About this exercise:
From the records below, find each line with the string "drawing" and copy it.

Provided material section start

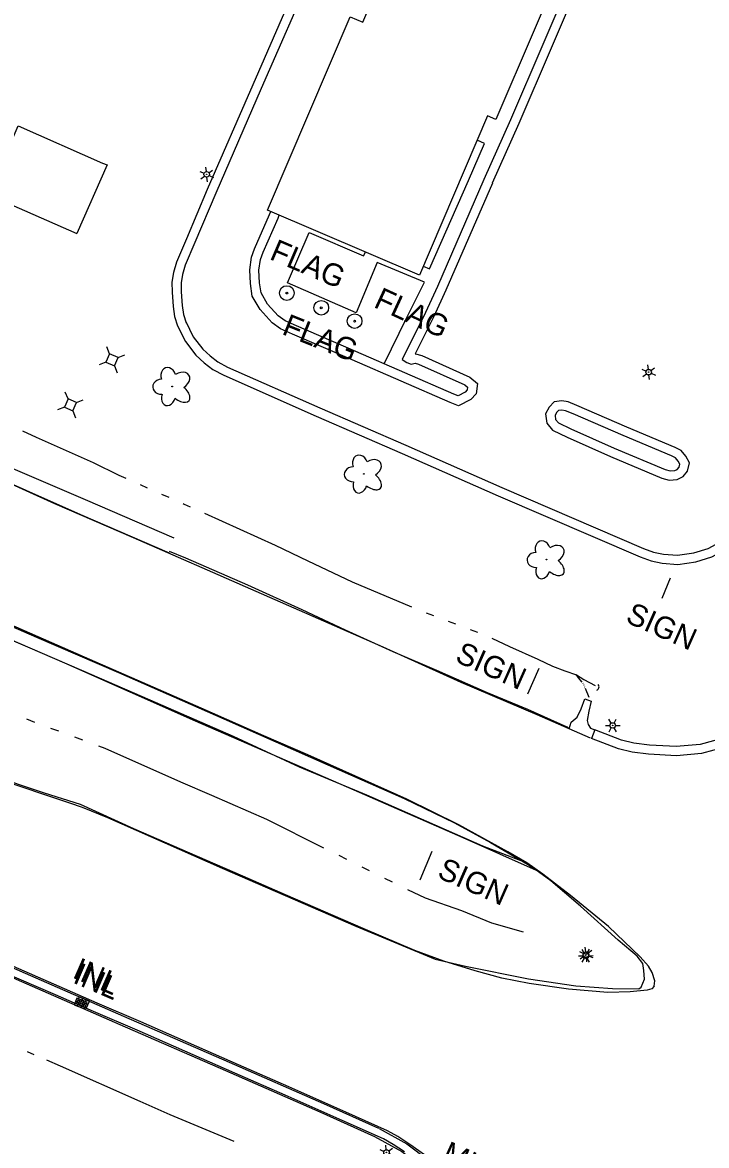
# Model space of a CAD drawing. Extents: x 588843 to 2552415, y 180129 to 269402.
# Drawn here: x 594612.7 to 594799.2, y 185134.3 to 185440.6 of the extents above; entities that cross this region are included whole.
import ezdxf

# ---------------------------------------------------------------- set-up
doc = ezdxf.new("R2010")
doc.units = 0
for name, color, linetype in [('Default', 7, 'Continuous'), ('E_BLD', 7, 'Continuous'), ('E_DRN', 7, 'Continuous'), ('E_DRN_Text', 7, 'Continuous'), ('E_DWY', 7, 'Continuous'), ('E_LAND_Vegetation', 7, 'Continuous'), ('E_LTG', 7, 'Continuous'), ('E_MISCPROP', 7, 'Continuous'), ('E_MISCPROP_Text', 7, 'Continuous'), ('E_PATH_Sidewalk', 7, 'Continuous'), ('E_RDWY', 7, 'Continuous'), ('E_RDWY_AsphConc', 7, 'Continuous'), ('E_RDWY_C_and_G', 7, 'Continuous'), ('E_RDWY_Gravel', 7, 'Continuous'), ('E_SGN', 7, 'Continuous'), ('E_SGN_Text', 7, 'Continuous'), ('E_UTL_AG_Bold', 7, 'Continuous'), ('E_UTL_MH_Text', 7, 'Continuous'), ('E_WTR_P', 7, 'Continuous')]:
    doc.layers.add(name, color=color, linetype=linetype)

# ---------------------------------------------------------------- blocks, each defined once
blk = doc.blocks.new('MHT')
at = {"layer": 'E_UTL_MH_Text'}
blk.add_text('MH', height=12, dxfattribs=at).set_placement((-9.81, -6))
blk = doc.blocks.new('LPOL')
at = {"layer": 'Default'}
for p, q in [((-4, 0), (-1.5, 0)), ((-0.75, 1.3), (-2, 3.46)), ((0.75, 1.3), (2, 3.46)), ((1.5, 0), (4, 0)), ((-2, -3.46), (-0.75, -1.3)), ((2, -3.46), (0.75, -1.3))]:
    blk.add_line(p, q, dxfattribs=at)
for radius in [1.5, 1.5, 1.5, 0.125]:
    blk.add_circle((0, 0), radius, dxfattribs=at)
blk = doc.blocks.new('INLO')
at = {"layer": 'E_DRN'}
for p, q in [((2, -4), (2, 0)), ((4, -4), (4, 0)), ((6, -2), (0, -2))]:
    blk.add_line(p, q, dxfattribs=at)
blk.add_lwpolyline([(0, -4), (6, -4), (6, 0), (0, 0), (0, -4)], close=True, dxfattribs=at)
blk = doc.blocks.new('INLT_52')
at = {"layer": 'E_DRN_Text'}
blk.add_text('INL', height=12, dxfattribs=at).set_placement((-11.03, -6))
blk = doc.blocks.new('SIGN')
at = {"layer": 'Default'}
blk.add_text('SIGN', height=12, dxfattribs=at).set_placement((-18.55, -6))
blk = doc.blocks.new('LPOL_4')
at = {"layer": 'E_LTG'}
for p, q in [((-13.1, 0), (-4.9, 0)), ((-2.5, 4.3), (-6.6, 11.4)), ((2.5, 4.3), (6.6, 11.4)), ((4.9, 0), (13.1, 0)), ((-6.6, -11.4), (-2.5, -4.3)), ((6.6, -11.4), (2.5, -4.3))]:
    blk.add_line(p, q, dxfattribs=at)
for radius in [4.92, 4.92, 4.92, 0.41]:
    blk.add_circle((0, 0), radius, dxfattribs=at)
blk = doc.blocks.new('INLO_3')
at = {"layer": 'E_DRN'}
for p, q in [((6.6, -13.1), (6.6, 0)), ((13.1, -13.1), (13.1, 0)), ((19.7, -6.6), (0, -6.6))]:
    blk.add_line(p, q, dxfattribs=at)
blk.add_lwpolyline([(0, -13.1), (19.7, -13.1), (19.7, 0), (0, 0)], close=True, dxfattribs=at)
blk = doc.blocks.new('INLT_30_1')
at = {"layer": 'E_DRN_Text'}
blk.add_text('INL', height=39.37, dxfattribs=at).set_placement((-36.2, -19.7))
blk = doc.blocks.new('LPOL_5')
at = {"layer": 'E_LTG'}
for p, q in [((-13.1, 0), (-4.9, 0)), ((-2.5, 4.3), (-6.6, 11.4)), ((2.5, 4.3), (6.6, 11.4)), ((4.9, 0), (13.1, 0)), ((-6.6, -11.4), (-2.5, -4.3)), ((6.6, -11.4), (2.5, -4.3))]:
    blk.add_line(p, q, dxfattribs=at)
for radius in [4.92, 4.92, 4.92, 0.41]:
    blk.add_circle((0, 0), radius, dxfattribs=at)
blk = doc.blocks.new('SIGN_4')
at = {"layer": 'E_SGN'}
blk.add_text('SIGN', height=39.37, dxfattribs=at).set_placement((-56.1, -19.7))
blk = doc.blocks.new('CULV2_5')
at = {"layer": 'E_DRN'}
blk.add_arc((65, 48), 80.7, 216.8699, 323.1301, dxfattribs=at)
blk = doc.blocks.new('PED_4')
at = {"layer": 'E_UTL_AG_Bold'}
for p, q in [((-8.2, 8.2), (-17.5, 17.5)), ((8.2, 8.2), (17.5, 17.5)), ((-8.2, -8.2), (-17.5, -17.5)), ((8.2, -8.2), (17.5, -17.5))]:
    blk.add_line(p, q, dxfattribs=at)
blk.add_lwpolyline([(-8.2, -8.2), (8.2, -8.2), (8.2, 8.2), (-8.2, 8.2)], close=True, dxfattribs=at)
blk = doc.blocks.new('DTRE_5')
at = {"layer": 'E_LAND_Vegetation'}
blk.add_circle((-0.6, 0), 0.601, dxfattribs=at)
for centre, major_axis, ratio in [((-6.1, 17.5), (4.5, -16.3), 0.782863), ((13.3, 9), (-17.3, -9.6), 0.691916), ((-19.3, 0.5), (16.2, -0.4), 0.832022), ((-8.2, -17.2), (5.9, 15.9), 0.716896), ((11.6, -12.2), (-16.4, 15), 0.560249)]:
    blk.add_ellipse(centre, major_axis=major_axis, ratio=ratio, start_param=1.570796, end_param=4.712389, dxfattribs=at)

msp = doc.modelspace()

# ---------------------------------------------------------------- linework, layer by layer
at = {"layer": 'E_BLD'}
msp.add_lwpolyline([(594720.92, 185371.72), (594679.49, 185389.41), (594702.02, 185442.16), (594705.46, 185440.69), (594722.35, 185480.22), (594762.62, 185463.02), (594741.76, 185414.17), (594739.47, 185415.15)], close=True, dxfattribs=at)
at = {"layer": 'E_DWY'}
for points in [[(594726.85, 185541.54), (594717.32, 185519.48), (594703.73, 185488.45), (594689.69, 185456.24), (594675.43, 185423.6), (594663.05, 185395.04)], [(594729.14, 185540.55), (594719.61, 185518.48), (594706.02, 185487.45), (594691.98, 185455.24), (594677.73, 185422.6), (594665.34, 185394.04)], [(594838.58, 185509.24), (594809.4, 185521.78), (594795.25, 185527.78), (594782.09, 185497.55), (594774.42, 185480.39), (594763.35, 185455.3), (594745.71, 185414.07), (594738.5, 185397.81)], [(594837.59, 185506.94), (594808.42, 185519.48), (594796.55, 185524.51), (594784.38, 185496.54), (594776.7, 185479.38), (594765.64, 185454.31), (594748, 185413.07), (594740.78, 185396.79)], [(594740.79, 185396.81), (594728.14, 185367.64), (594724.83, 185360.42), (594719.71, 185350.21), (594719.87, 185350.24), (594721.55, 185349.76), (594734.65, 185343.89), (594736.72, 185342.15), (594736.33, 185339.32), (594734.9, 185337.77), (594731.6, 185336.07), (594729.3, 185336.93), (594702.57, 185348.58)], [(594738.5, 185397.81), (594725.86, 185368.66), (594722.58, 185361.51), (594716.15, 185348.7), (594717.46, 185347.92), (594718.67, 185347.47), (594719.75, 185347.68), (594720.69, 185347.4), (594733.31, 185341.75), (594734.05, 185341.12), (594733.96, 185340.43), (594733.36, 185339.79), (594731.44, 185338.8), (594730.24, 185339.25), (594703.56, 185350.87)], [(594663.05, 185395.04), (594657.39, 185381.6), (594654.68, 185375.25), (594653.88, 185372.47), (594653.41, 185369.8), (594653.44, 185367.08), (594653.73, 185363.18), (594654.15, 185360.45), (594654.93, 185357.92)], [(594665.35, 185394.07), (594659.7, 185380.62), (594657.04, 185374.41), (594656.32, 185371.91), (594655.92, 185369.59), (594655.94, 185367.18), (594656.21, 185363.47), (594656.59, 185361.02), (594657.32, 185358.66)], [(594702.57, 185348.58), (594686.33, 185355.58), (594683, 185357.09), (594680.72, 185358.75), (594677.49, 185362.31), (594675.33, 185366.02), (594674.81, 185369.41), (594674.64, 185373.2), (594675.15, 185376.61), (594675.92, 185378.89), (594680.03, 185388.22), (594680.36, 185389.04)], [(594703.56, 185350.87), (594687.34, 185357.87), (594684.26, 185359.26), (594682.39, 185360.62), (594679.51, 185363.8), (594677.73, 185366.87), (594677.3, 185369.65), (594677.15, 185373.07), (594677.59, 185376.02), (594678.25, 185377.98), (594682.34, 185387.26), (594682.66, 185388.06)], [(594657.17, 185359.04), (594659.23, 185354.92), (594661.8, 185351.56), (594663.8, 185349.72), (594665.92, 185348.04), (594668.6, 185346.64), (594693.74, 185335.55)], [(594654.93, 185357.92), (594657.1, 185353.59), (594659.95, 185349.86), (594662.18, 185347.82), (594664.55, 185345.94), (594667.52, 185344.39), (594692.73, 185333.26)], [(594777.48, 185330.26), (594763.83, 185336.17), (594761.47, 185337.13), (594759.76, 185337.46), (594757.6, 185337.17), (594756.26, 185335.71), (594755.29, 185333.91), (594755.65, 185331.38), (594757.15, 185329.4), (594761.15, 185327.48), (594772.96, 185322.25)], [(594693.73, 185335.55), (594717.19, 185325.32), (594743.4, 185313.81)], [(594776.48, 185327.97), (594762.86, 185333.86), (594760.75, 185334.72), (594759.69, 185334.92), (594758.83, 185334.81), (594758.31, 185334.24), (594757.88, 185333.44), (594758.04, 185332.38), (594758.78, 185331.4), (594762.2, 185329.75), (594773.97, 185324.54)], [(594692.73, 185333.26), (594716.19, 185323.03), (594742.4, 185311.52)], [(594773, 185322.23), (594787.04, 185316.36), (594789.03, 185315.79), (594791.22, 185315.96), (594792.82, 185316.75), (594794, 185318.28), (594794.5, 185320.51), (594793.59, 185322.33), (594792.3, 185323.91), (594790.66, 185324.69), (594777.46, 185330.27)], [(594773.97, 185324.54), (594787.87, 185318.72), (594789.28, 185318.31), (594790.54, 185318.41), (594791.2, 185318.74), (594791.69, 185319.37), (594791.87, 185320.19), (594791.48, 185320.96), (594790.72, 185321.9), (594789.64, 185322.41), (594776.48, 185327.97)], [(594742.4, 185311.52), (594781.07, 185294.83), (594784.08, 185293.77), (594787.1, 185293.11), (594791.33, 185292.8), (594796.24, 185293.5), (594800.64, 185294.85), (594804.2, 185296.74), (594807.63, 185299.27), (594810.61, 185302.33), (594812.91, 185305.79), (594819.1, 185320.07)], [(594743.39, 185313.81), (594781.98, 185297.16), (594784.77, 185296.18), (594787.46, 185295.59), (594791.24, 185295.31), (594795.7, 185295.95), (594799.68, 185297.17), (594802.86, 185298.86), (594805.98, 185301.16), (594808.66, 185303.91), (594810.7, 185306.99), (594816.81, 185321.07)]]:
    msp.add_lwpolyline(points, dxfattribs=at)
at = {"layer": 'E_MISCPROP'}
for centre, radius in [((594684.74, 185366.83), 2), ((594684.74, 185366.83), 0.25), ((594694.14, 185362.81), 2), ((594694.14, 185362.81), 0.25), ((594703.24, 185359.18), 2), ((594703.24, 185359.18), 0.25)]:
    msp.add_circle(centre, radius, dxfattribs=at)
at = {"layer": 'E_PATH_Sidewalk'}
for points in [[(594721.96, 185374.15), (594723.64, 185373.41), (594734.26, 185397.57), (594738.65, 185407.65), (594736.64, 185408.53)], [(594711.31, 185347.5), (594717.38, 185359.95), (594722.3, 185369.78), (594709.4, 185375.18), (594703.66, 185361.47), (594684.93, 185369.64), (594690.87, 185383.39), (594705.69, 185376.95), (594706.18, 185378.01)]]:
    msp.add_lwpolyline(points, dxfattribs=at)
at = {"layer": 'E_RDWY'}
for points in [[(594296.88, 185411.87), (594325.62, 185399.4), (594349.95, 185388.9), (594374.77, 185378.12), (594397.2, 185368.32), (594422.63, 185357.35), (594444.66, 185347.72), (594469.29, 185337.04), (594493.12, 185326.74), (594515.85, 185316.9), (594539.82, 185306.36), (594564.27, 185295.73), (594590.16, 185284.43), (594616.48, 185273), (594638.84, 185263.28), (594667.59, 185250.7), (594695.94, 185238.13), (594716.7, 185228.91), (594730.42, 185222.27), (594740.31, 185216.94), (594750.4, 185211.08), (594752.94, 185209.36)], [(594384.9, 185413.36), (594391.73, 185409.66), (594405.93, 185403.45), (594421.24, 185396.86), (594441.64, 185388), (594473.72, 185373.96), (594499.14, 185363.15), (594519.99, 185354.07), (594541.44, 185344.6), (594561.26, 185335.85), (594580.09, 185327.6), (594600.85, 185318.74), (594621.43, 185309.42), (594642.83, 185300.12), (594664.5, 185290.7), (594686.69, 185280.92), (594710.89, 185270.31), (594732.2, 185260.72), (594752.9, 185251.83), (594767.48, 185245.51)], [(594674.14, 185287.12), (594657.16, 185294.49), (594652.75, 185296.35)], [(594784.94, 185177.8), (594785.08, 185179.2), (594784.4, 185181.48), (594783.37, 185183.2), (594781.11, 185185.75), (594772.43, 185194.02), (594762.07, 185202.45), (594754.55, 185208.28), (594750.23, 185211.44), (594745, 185214.44), (594731.64, 185221.77), (594717.43, 185228.78), (594703.51, 185235.06), (594690.51, 185240.87), (594678.43, 185246.04), (594661.35, 185253.58), (594645.43, 185260.62), (594631.02, 185266.85), (594609.49, 185276.28), (594587.28, 185285.68)], [(594761.49, 185248.25), (594761.16, 185248.39), (594750.43, 185253.21), (594739.49, 185257.74), (594725.63, 185263.84), (594713.78, 185268.94), (594700.73, 185274.84), (594688.9, 185280.4), (594674.14, 185287.12)], [(594761.76, 185247.99), (594762.31, 185249.76), (594763.9, 185251.11), (594764.96, 185253.42), (594766.03, 185256.12), (594767.77, 185255.53), (594767.09, 185252.81), (594766.65, 185250.23), (594766.94, 185249.14), (594767.57, 185248.16), (594768.73, 185247.66), (594767.84, 185245.33)], [(594784.94, 185177.8), (594784.28, 185177.01), (594782.99, 185176.71), (594778.4, 185176.21), (594772.3, 185176.03), (594761.57, 185176.9), (594750.83, 185178.46), (594743.38, 185179.97), (594736.09, 185181.95), (594727.57, 185184.54), (594719.69, 185187.48), (594705.57, 185193.45), (594684.35, 185202.71), (594672.74, 185207.8), (594660.39, 185213.15), (594643.06, 185220.72), (594628.44, 185227.31), (594618.69, 185230.45), (594603.7, 185235.43)], [(594605.57, 185234.41), (594625.49, 185227.79), (594628.94, 185226.6), (594635.82, 185223.81), (594667.07, 185209.95), (594703.59, 185194.08), (594725.19, 185185.13), (594733.44, 185183.18), (594750.6, 185179.8), (594763.55, 185177.84), (594773.58, 185177.12), (594780.72, 185177.02), (594781.36, 185177.45), (594782.29, 185179.64), (594782.06, 185182.06), (594781.79, 185183.98), (594780.31, 185185.94), (594775.1, 185190.3), (594764.86, 185199.58), (594756.71, 185206.52), (594752.76, 185209.38)]]:
    msp.add_lwpolyline(points, dxfattribs=at)
at = {"layer": 'E_RDWY_AsphConc'}
for points in [[(594603.36, 185393.63), (594603.97, 185394.95), (594611.51, 185412.46), (594634.48, 185402.3), (594635.77, 185401.79), (594627.5, 185383.04)], [(594603.36, 185393.63), (594627.5, 185383.04)], [(594583.64, 185326.33), (594628.44, 185306.4), (594652.62, 185295.93)]]:
    msp.add_lwpolyline(points, dxfattribs=at)
at = {"layer": 'E_RDWY_C_and_G'}
for points in [[(594716.87, 185132.54), (594713.76, 185134.58), (594711.06, 185136.08), (594699.81, 185141.15), (594684.3, 185148.01), (594670.6, 185154.04), (594659.19, 185159.04), (594643.95, 185165.72), (594631.99, 185170.86), (594621.66, 185175.35), (594607.74, 185181.43), (594595.58, 185186.75), (594580.7, 185193.26), (594568.95, 185198.46), (594557.86, 185203.38), (594546.4, 185208.35), (594528.96, 185215.94), (594516.25, 185221.38), (594500.75, 185228.22), (594485.74, 185234.83), (594471.59, 185241.01), (594457.31, 185247.21), (594442.22, 185253.67), (594428.73, 185259.27)], [(594816.47, 185251.82), (594809.69, 185247.75), (594803.76, 185245.44), (594797.41, 185243.7), (594790.94, 185243.14), (594783.6, 185243.52), (594779.39, 185244.04), (594775.97, 185244.9), (594768.73, 185247.66)], [(594817.75, 185249.68), (594810.8, 185245.5), (594804.54, 185243.06), (594797.85, 185241.23), (594790.99, 185240.63), (594783.38, 185241.03), (594778.93, 185241.58), (594775.21, 185242.52), (594767.84, 185245.33)], [(594542.37, 185212.41), (594579.07, 185196.4), (594613.4, 185181.3), (594640.21, 185169.61)], [(594541.37, 185210.11), (594578.07, 185194.11), (594612.4, 185179.01), (594639.21, 185167.32)], [(594722.24, 185131.71), (594718.29, 185134.6), (594715.05, 185136.72), (594712.19, 185138.31), (594700.83, 185143.43), (594685.31, 185150.3), (594671.6, 185156.33), (594660.2, 185161.33), (594644.94, 185168.01), (594632.99, 185173.16), (594622.66, 185177.64), (594608.75, 185183.72)], [(594640.21, 185169.61), (594669.06, 185157), (594694.75, 185145.75), (594709.7, 185139.06)], [(594639.21, 185167.32), (594668.06, 185154.71), (594693.74, 185143.46), (594708.68, 185136.77)], [(594709.89, 185138.96), (594717.46, 185134.78), (594723.39, 185130.33), (594729.01, 185124.89), (594733.83, 185118.72), (594738.81, 185110.41), (594742.65, 185101.37)], [(594708.68, 185136.77), (594716.1, 185132.68), (594721.76, 185128.42), (594727.15, 185123.21), (594731.77, 185117.3), (594736.58, 185109.27), (594740.35, 185100.4)]]:
    msp.add_lwpolyline(points, dxfattribs=at)
at = {"layer": 'E_RDWY_Gravel'}
for points in [[(594294.77, 185410.38), (594323, 185398.2), (594352.64, 185385.11), (594378.47, 185373.42), (594417.21, 185356.7), (594461.03, 185337.4), (594502.73, 185319.22), (594545.58, 185300.1), (594582.07, 185284.13), (594624.08, 185265.97), (594659.78, 185250.12), (594703.03, 185231.29), (594732.78, 185218.27), (594752.76, 185209.38), (594752.81, 185209.45)], [(594541.17, 185349.71), (594585.08, 185329.59), (594629.77, 185310.49), (594653.95, 185300.02)], [(594578.41, 185285.82), (594595.95, 185278.05), (594614.06, 185270.36), (594628.73, 185263.95), (594645.28, 185256.82), (594670.13, 185245.95), (594688.1, 185237.61), (594706.5, 185229.93), (594722.84, 185222.76), (594738.06, 185216.05), (594750.23, 185211.44)]]:
    msp.add_lwpolyline(points, dxfattribs=at)
at = {"layer": 'E_SGN'}
for p, q in [((594789.23, 185289.01), (594787.04, 185283.49)), ((594753.43, 185264.44), (594750.4, 185257.43))]:
    msp.add_line(p, q, dxfattribs=at)
msp.add_lwpolyline([(594724.24, 185214.48), (594720.99, 185206.68)], dxfattribs=at)
at = {"layer": 'E_WTR_P'}
for points in [[(594612.66, 185329.26), (594616.39, 185327.54), (594631.96, 185320.58), (594638.91, 185317.19), (594640.82, 185316.34)], [(594644.73, 185314.6), (594646.68, 185313.74)], [(594650.59, 185312), (594652.55, 185311.13)], [(594656.45, 185309.4), (594656.72, 185309.28), (594658.4, 185308.52)], [(594662.3, 185306.76), (594681.6, 185298.05), (594690.46, 185293.81)], [(594690.46, 185293.81), (594702.52, 185288.05), (594718.76, 185281.2)], [(594722.74, 185279.63), (594724.74, 185278.87)], [(594728.73, 185277.35), (594730.73, 185276.59)], [(594734.72, 185275.06), (594736.72, 185274.3)], [(594740.67, 185272.66), (594745.45, 185270.44), (594753.17, 185266.93), (594757.16, 185265.08), (594760.51, 185263.82), (594763.7, 185262.71), (594765.74, 185261.42), (594768.78, 185259.75)], [(594765.24, 185260.7), (594764.26, 185261.85), (594763.61, 185262.74)], [(594765.59, 185260.28), (594765.47, 185260.42)], [(594765.8, 185259.79), (594765.74, 185259.95)], [(594766.01, 185259.28), (594765.94, 185259.45)], [(594767.15, 185256.51), (594766.15, 185258.94)], [(594613.76, 185250.65), (594615.93, 185249.81)], [(594620.28, 185248.17), (594622.46, 185247.37)], [(594626.82, 185245.76), (594629, 185244.95)], [(594633.37, 185243.35), (594635.09, 185242.71), (594655.71, 185233.53), (594664.24, 185229.83)], [(594664.24, 185229.83), (594679.21, 185223.33), (594694.75, 185215.53)], [(594698.91, 185213.45), (594700.99, 185212.42)], [(594705.16, 185210.35), (594707.24, 185209.32)], [(594711.41, 185207.25), (594713.49, 185206.22)], [(594717.66, 185204.17), (594722.51, 185201.82), (594732.38, 185198.38), (594740.53, 185195.03), (594749.23, 185192.54)], [(594615.8, 185159.05), (594614.04, 185159.8)], [(594644.79, 185146.3), (594623.06, 185155.95), (594619.33, 185157.54)], [(594670.4, 185135.42), (594652.95, 185142.68), (594644.79, 185146.3)]]:
    msp.add_lwpolyline(points, dxfattribs=at)

# ---------------------------------------------------------------- block references
at = {"layer": 'E_DRN'}
for name, p, xscale, yscale, rotation in [('CULV2_5', (594769.23, 185258.49), 0.012196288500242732, 0.012196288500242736, 74.03022120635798), ('INLO_3', (594628.15, 185174.87), 0.1524003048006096, 0.15240030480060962, -23.562837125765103), ('INLO', (594627.49, 185174.49), 0.5, 0.5, -21.379410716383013)]:
    msp.add_blockref(name, p, dxfattribs=dict(at, xscale=xscale, yscale=yscale, rotation=rotation))
at = {"layer": 'E_DRN_Text'}
for name, p, xscale, yscale, rotation in [('INLT_30_1', (594632.23, 185180.74), 0.1524003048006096, 0.15240030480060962, -23.562837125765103), ('INLT_52', (594632.37, 185179.38), 0.49999999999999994, 0.49999999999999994, -23.250228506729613)]:
    msp.add_blockref(name, p, dxfattribs=dict(at, xscale=xscale, yscale=yscale, rotation=rotation))
at = {"layer": 'E_LAND_Vegetation', "xscale": 0.15240030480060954, "yscale": 0.15240030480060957, "rotation": 3.4338469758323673}
for p in [(594653.57, 185341.36), (594705.82, 185317.5), (594755.65, 185294.12)]:
    msp.add_blockref('DTRE_5', p, dxfattribs=at)
at = {"layer": 'E_LTG'}
for name, p, xscale, yscale, rotation in [('LPOL_5', (594662.88, 185399.2), 0.1524003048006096, 0.1524003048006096, -23.954644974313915), ('LPOL_5', (594783.41, 185345.25), 0.1524003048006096, 0.1524003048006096, -23.954644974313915), ('LPOL_5', (594773.6, 185248.88), 0.15240030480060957, 0.15240030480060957, 0.8014450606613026), ('LPOL', (594766.34, 185186.37), 0.5, 0.5, -23.807133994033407), ('LPOL_4', (594766.27, 185186.06), 0.15240030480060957, 0.15240030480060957, 0.8014450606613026), ('LPOL', (594711.92, 185132.39), 0.5, 0.5, -24.25797329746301)]:
    msp.add_blockref(name, p, dxfattribs=dict(at, xscale=xscale, yscale=yscale, rotation=rotation))
at = {"layer": 'E_SGN_Text'}
for name, p, xscale, yscale, rotation in [('SIGN_4', (594785.85, 185276.46), 0.1524003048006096, 0.1524003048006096, -23.954644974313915), ('SIGN_4', (594739.35, 185265.71), 0.1524003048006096, 0.1524003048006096, -23.954644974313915), ('SIGN', (594735.16, 185206.52), 0.5, 0.5, -23.807133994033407)]:
    msp.add_blockref(name, p, dxfattribs=dict(at, xscale=xscale, yscale=yscale, rotation=rotation))
at = {"layer": 'E_UTL_AG_Bold', "xscale": 0.15240030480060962, "yscale": 0.1524003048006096, "rotation": -23.509223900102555}
for p in [(594637.07, 185348.62), (594625.72, 185336.31)]:
    msp.add_blockref('PED_4', p, dxfattribs=at)
at = {"layer": 'E_UTL_MH_Text', "xscale": 0.5, "yscale": 0.5, "rotation": -24.25797329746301}
msp.add_blockref('MHT', (594732.33, 185130.86), dxfattribs=at)

# ---------------------------------------------------------------- texts
at = {"layer": 'E_MISCPROP_Text'}
for rotation, p in [(336.8368, (594679.74, 185376.18)), (335.3439, (594708.14, 185363.1)), (338.2623, (594683.12, 185355.7))]:
    msp.add_text('FLAG', height=6, rotation=rotation, dxfattribs=at).set_placement(p)

doc.saveas('drawing.dxf')

Provided material section end

Output:
# Model space of a CAD drawing. Extents: x 588843 to 2552415, y 180129 to 269402.
doc.saveas('drawing.dxf')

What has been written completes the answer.